Inside the cave, he did not appear to notice the burning oil lamp. A fine layer of ash now covered the embers, but in the center there was still a faint flicker of flame struggling to survive. As he began unloading the donkey, Joseph reassured Mary, We’re no longer in danger, the soldiers have gone, we might as well spend the night here. We’ll leave before dawn, avoid the main road, and take a shortcut, and where there are no roads we’ll find a way somehow. Mary murmured, All those dead children, which provoked Joseph into asking brusquely, How do you know, have you counted them, and Mary continued, I even knew some of those children. You ought to be thanking God for having spared your own son. I will. And stop staring at me as if I’d committed some crime. I wasn’t staring at you. Don’t answer in that accusing tone of voice. Very well, I won’t say another word. Good. Joseph tethered the donkey to the manger, where there was still some hay. The donkey cannot complain, it has had lots of fodder and plenty of fresh air, but it is not hungry, it is preparing itself for the arduous journey back with a full load. Mary put her child down and said, I’ll get the fire going. What for. To prepare some supper. I don’t want a fire in here to attract the attention of some passerby, let’s eat whatever there is that doesn’t need to be cooked. And so they ate.
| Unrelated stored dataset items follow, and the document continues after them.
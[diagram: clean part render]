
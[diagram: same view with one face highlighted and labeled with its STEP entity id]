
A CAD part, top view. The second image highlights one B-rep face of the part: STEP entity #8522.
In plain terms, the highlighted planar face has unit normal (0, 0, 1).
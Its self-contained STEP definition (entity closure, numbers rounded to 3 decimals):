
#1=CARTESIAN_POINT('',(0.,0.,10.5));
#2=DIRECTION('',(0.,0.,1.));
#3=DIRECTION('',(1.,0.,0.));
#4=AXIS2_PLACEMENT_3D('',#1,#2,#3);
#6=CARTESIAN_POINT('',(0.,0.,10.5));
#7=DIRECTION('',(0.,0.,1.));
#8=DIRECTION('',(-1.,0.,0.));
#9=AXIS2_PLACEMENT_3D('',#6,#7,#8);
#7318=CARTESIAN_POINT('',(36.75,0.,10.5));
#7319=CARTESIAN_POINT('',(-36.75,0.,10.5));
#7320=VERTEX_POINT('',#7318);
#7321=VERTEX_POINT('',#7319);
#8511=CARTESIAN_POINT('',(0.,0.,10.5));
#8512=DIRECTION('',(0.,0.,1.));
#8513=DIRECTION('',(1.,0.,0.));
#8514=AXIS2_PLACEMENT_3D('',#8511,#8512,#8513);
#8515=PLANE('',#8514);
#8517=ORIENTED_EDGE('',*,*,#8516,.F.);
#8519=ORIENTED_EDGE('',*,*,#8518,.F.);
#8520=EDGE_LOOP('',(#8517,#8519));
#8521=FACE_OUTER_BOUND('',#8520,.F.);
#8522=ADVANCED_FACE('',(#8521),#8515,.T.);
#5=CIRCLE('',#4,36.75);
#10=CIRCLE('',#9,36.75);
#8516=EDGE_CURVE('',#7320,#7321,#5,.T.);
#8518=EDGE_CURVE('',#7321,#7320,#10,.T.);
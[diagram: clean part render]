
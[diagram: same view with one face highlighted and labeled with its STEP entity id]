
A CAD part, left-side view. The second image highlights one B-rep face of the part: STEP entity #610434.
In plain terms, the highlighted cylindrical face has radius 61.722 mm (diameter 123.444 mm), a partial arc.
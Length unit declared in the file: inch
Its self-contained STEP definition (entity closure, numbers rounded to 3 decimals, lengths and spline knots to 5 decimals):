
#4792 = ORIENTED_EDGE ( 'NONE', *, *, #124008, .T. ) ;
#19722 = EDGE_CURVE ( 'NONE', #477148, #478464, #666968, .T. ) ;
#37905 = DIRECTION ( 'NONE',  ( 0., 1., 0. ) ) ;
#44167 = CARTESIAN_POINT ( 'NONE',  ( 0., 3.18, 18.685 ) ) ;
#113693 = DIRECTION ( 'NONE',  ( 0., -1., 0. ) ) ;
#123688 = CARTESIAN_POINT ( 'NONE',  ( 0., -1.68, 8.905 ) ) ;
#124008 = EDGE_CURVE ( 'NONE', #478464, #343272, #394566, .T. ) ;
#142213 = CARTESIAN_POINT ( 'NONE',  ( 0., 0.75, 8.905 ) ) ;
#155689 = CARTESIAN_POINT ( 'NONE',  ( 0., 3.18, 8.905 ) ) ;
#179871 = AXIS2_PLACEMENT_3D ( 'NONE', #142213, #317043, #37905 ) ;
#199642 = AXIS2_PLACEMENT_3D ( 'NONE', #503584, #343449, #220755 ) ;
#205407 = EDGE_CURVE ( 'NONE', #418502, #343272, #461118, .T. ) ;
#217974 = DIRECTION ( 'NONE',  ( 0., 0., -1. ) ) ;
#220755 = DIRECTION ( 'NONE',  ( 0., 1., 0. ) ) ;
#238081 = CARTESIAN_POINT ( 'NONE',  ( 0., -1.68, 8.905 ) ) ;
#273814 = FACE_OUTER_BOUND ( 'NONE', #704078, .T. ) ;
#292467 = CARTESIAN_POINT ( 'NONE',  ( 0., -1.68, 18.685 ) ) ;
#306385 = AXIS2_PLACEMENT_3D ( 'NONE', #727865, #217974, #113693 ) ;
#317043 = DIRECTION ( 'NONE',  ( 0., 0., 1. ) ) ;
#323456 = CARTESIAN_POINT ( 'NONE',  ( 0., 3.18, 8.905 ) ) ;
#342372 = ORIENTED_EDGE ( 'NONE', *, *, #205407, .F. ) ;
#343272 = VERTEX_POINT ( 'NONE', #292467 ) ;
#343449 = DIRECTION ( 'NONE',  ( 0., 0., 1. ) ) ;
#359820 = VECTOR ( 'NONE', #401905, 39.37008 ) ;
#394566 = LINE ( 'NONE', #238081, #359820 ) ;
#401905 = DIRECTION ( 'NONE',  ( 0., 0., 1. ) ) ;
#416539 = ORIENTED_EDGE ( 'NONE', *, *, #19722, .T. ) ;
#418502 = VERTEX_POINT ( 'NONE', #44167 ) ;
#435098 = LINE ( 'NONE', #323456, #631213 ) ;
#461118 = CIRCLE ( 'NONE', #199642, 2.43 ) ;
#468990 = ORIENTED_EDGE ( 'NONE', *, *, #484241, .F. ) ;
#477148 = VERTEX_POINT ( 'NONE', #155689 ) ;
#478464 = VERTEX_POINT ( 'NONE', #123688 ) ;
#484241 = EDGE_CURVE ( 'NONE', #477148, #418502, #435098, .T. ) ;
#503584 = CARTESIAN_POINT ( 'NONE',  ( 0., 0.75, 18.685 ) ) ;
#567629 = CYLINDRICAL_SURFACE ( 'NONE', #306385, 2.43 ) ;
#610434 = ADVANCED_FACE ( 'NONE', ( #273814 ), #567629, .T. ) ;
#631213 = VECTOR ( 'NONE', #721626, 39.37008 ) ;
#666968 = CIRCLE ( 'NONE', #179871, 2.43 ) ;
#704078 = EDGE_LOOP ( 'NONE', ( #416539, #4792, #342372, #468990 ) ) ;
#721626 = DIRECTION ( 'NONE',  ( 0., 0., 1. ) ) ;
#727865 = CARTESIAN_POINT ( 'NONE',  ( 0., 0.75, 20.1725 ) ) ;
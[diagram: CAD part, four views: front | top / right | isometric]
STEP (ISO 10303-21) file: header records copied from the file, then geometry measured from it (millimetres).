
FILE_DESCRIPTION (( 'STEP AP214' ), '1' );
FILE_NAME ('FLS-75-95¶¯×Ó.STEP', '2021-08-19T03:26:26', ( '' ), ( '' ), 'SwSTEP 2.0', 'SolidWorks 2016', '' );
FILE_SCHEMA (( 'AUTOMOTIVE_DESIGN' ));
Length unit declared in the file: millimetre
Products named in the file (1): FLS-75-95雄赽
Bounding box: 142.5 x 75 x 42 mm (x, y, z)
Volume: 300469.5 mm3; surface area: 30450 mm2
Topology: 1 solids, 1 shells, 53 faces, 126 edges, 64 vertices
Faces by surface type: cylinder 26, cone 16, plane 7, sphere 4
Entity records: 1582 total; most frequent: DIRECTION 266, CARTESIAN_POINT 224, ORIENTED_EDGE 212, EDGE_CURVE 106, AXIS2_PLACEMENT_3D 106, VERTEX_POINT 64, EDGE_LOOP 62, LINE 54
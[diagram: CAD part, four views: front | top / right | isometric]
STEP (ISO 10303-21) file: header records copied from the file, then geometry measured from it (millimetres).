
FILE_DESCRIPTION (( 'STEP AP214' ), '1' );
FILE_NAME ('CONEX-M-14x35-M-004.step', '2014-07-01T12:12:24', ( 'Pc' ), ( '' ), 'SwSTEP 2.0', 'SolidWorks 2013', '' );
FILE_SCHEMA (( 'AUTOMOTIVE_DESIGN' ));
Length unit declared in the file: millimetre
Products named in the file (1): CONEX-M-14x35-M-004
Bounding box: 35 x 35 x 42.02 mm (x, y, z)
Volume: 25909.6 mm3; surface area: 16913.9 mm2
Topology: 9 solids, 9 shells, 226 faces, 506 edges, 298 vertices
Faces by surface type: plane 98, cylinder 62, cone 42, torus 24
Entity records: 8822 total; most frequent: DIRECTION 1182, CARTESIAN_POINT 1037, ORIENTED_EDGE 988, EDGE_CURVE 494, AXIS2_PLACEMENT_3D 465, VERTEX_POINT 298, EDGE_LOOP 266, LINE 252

The light from the lamp made the cave’s four inhabitants look like ghosts, the donkey motionless as a statue, not eating though its nose was buried in the straw, the child dozing, the man and woman satisfying their hunger with a few dry figs. Mary laid out the mats on the sandy ground, threw a cover over them, and, as usual, waited for her husband to go to bed. First Joseph went to take another look at the night sky, all was peaceful in heaven and on earth, and no more cries or lamentations could be heard in the village. Rachel only had strength enough left to sigh and whimper inside the houses where doors and souls were tightly closed. Stretched out on his mat, Joseph felt exhausted after all his worry and panic, and he could not even say that his wild chase had saved his son’s life. The soldiers had strictly carried out their orders, Kill the children of Bethlehem, without taking any further initiative, such as searching all the caves in the vicinity to ferret out families in hiding or families making their homes there. Normally Joseph did not mind that Mary came to bed only after he had fallen asleep, but on this occasion he could not bear to think of her watching him, in her sorrow, as he lay sleeping. He told her, I do not want you waiting up, come to bed. Mary made no protest. After making sure, as usual, that the donkey was securely tethered, she lay down with a sigh on her mat, closed her eyes, and waited for sleep to come.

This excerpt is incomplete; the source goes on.